* _BRIEF_: Word for word, reproduce each line of the data below, omitting every image.

* _DATA UNDER STUDY_:
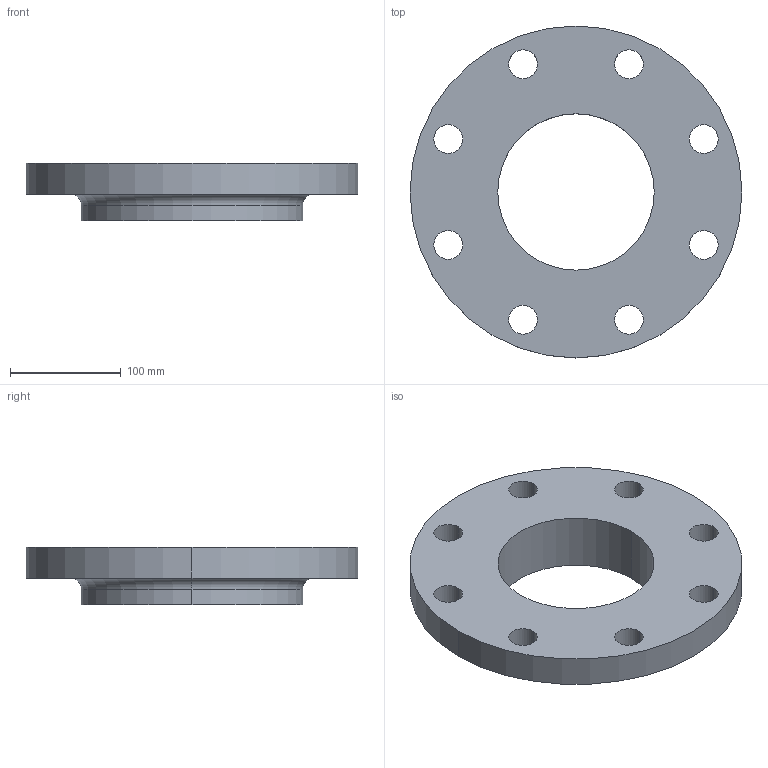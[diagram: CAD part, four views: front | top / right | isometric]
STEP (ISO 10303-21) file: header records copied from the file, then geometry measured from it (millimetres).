
FILE_DESCRIPTION (( 'STEP AP214' ), '1' );
FILE_NAME ('PN40 DN150 Type 13 - Type A Face.STEP', '2019-01-04T21:58:20', ( '' ), ( '' ), 'SwSTEP 2.0', 'SolidWorks 2019', '' );
FILE_SCHEMA (( 'AUTOMOTIVE_DESIGN' ));
Length unit declared in the file: millimetre
Products named in the file (1): PN40 DN150 Type 13 - Type A Face
Bounding box: 300 x 300 x 52 mm (x, y, z)
Volume: 1812167.9 mm3; surface area: 181700.1 mm2
Topology: 1 solids, 1 shells, 27 faces, 70 edges, 46 vertices
Faces by surface type: cylinder 22, plane 3, torus 2
Entity records: 926 total; most frequent: DIRECTION 174, CARTESIAN_POINT 144, ORIENTED_EDGE 140, AXIS2_PLACEMENT_3D 76, EDGE_CURVE 70, CIRCLE 48, EDGE_LOOP 46, VERTEX_POINT 46

* _RESULT FOR THIS TASK_:
[diagram: CAD part, four views: front | top / right | isometric]
STEP (ISO 10303-21) file: header records copied from the file, then geometry measured from it (millimetres).
FILE_DESCRIPTION (( 'STEP AP214' ), '1' );
FILE_NAME ('PN40 DN150 Type 13 - Type A Face.STEP', '2019-01-04T21:58:20', ( '' ), ( '' ), 'SwSTEP 2.0', 'SolidWorks 2019', '' );
FILE_SCHEMA (( 'AUTOMOTIVE_DESIGN' ));
Length unit declared in the file: millimetre
Products named in the file (1): PN40 DN150 Type 13 - Type A Face
Bounding box: 300 x 300 x 52 mm (x, y, z)
Volume: 1812167.9 mm3; surface area: 181700.1 mm2
Topology: 1 solids, 1 shells, 27 faces, 70 edges, 46 vertices
Faces by surface type: cylinder 22, plane 3, torus 2
Entity records: 926 total; most frequent: DIRECTION 174, CARTESIAN_POINT 144, ORIENTED_EDGE 140, AXIS2_PLACEMENT_3D 76, EDGE_CURVE 70, CIRCLE 48, EDGE_LOOP 46, VERTEX_POINT 46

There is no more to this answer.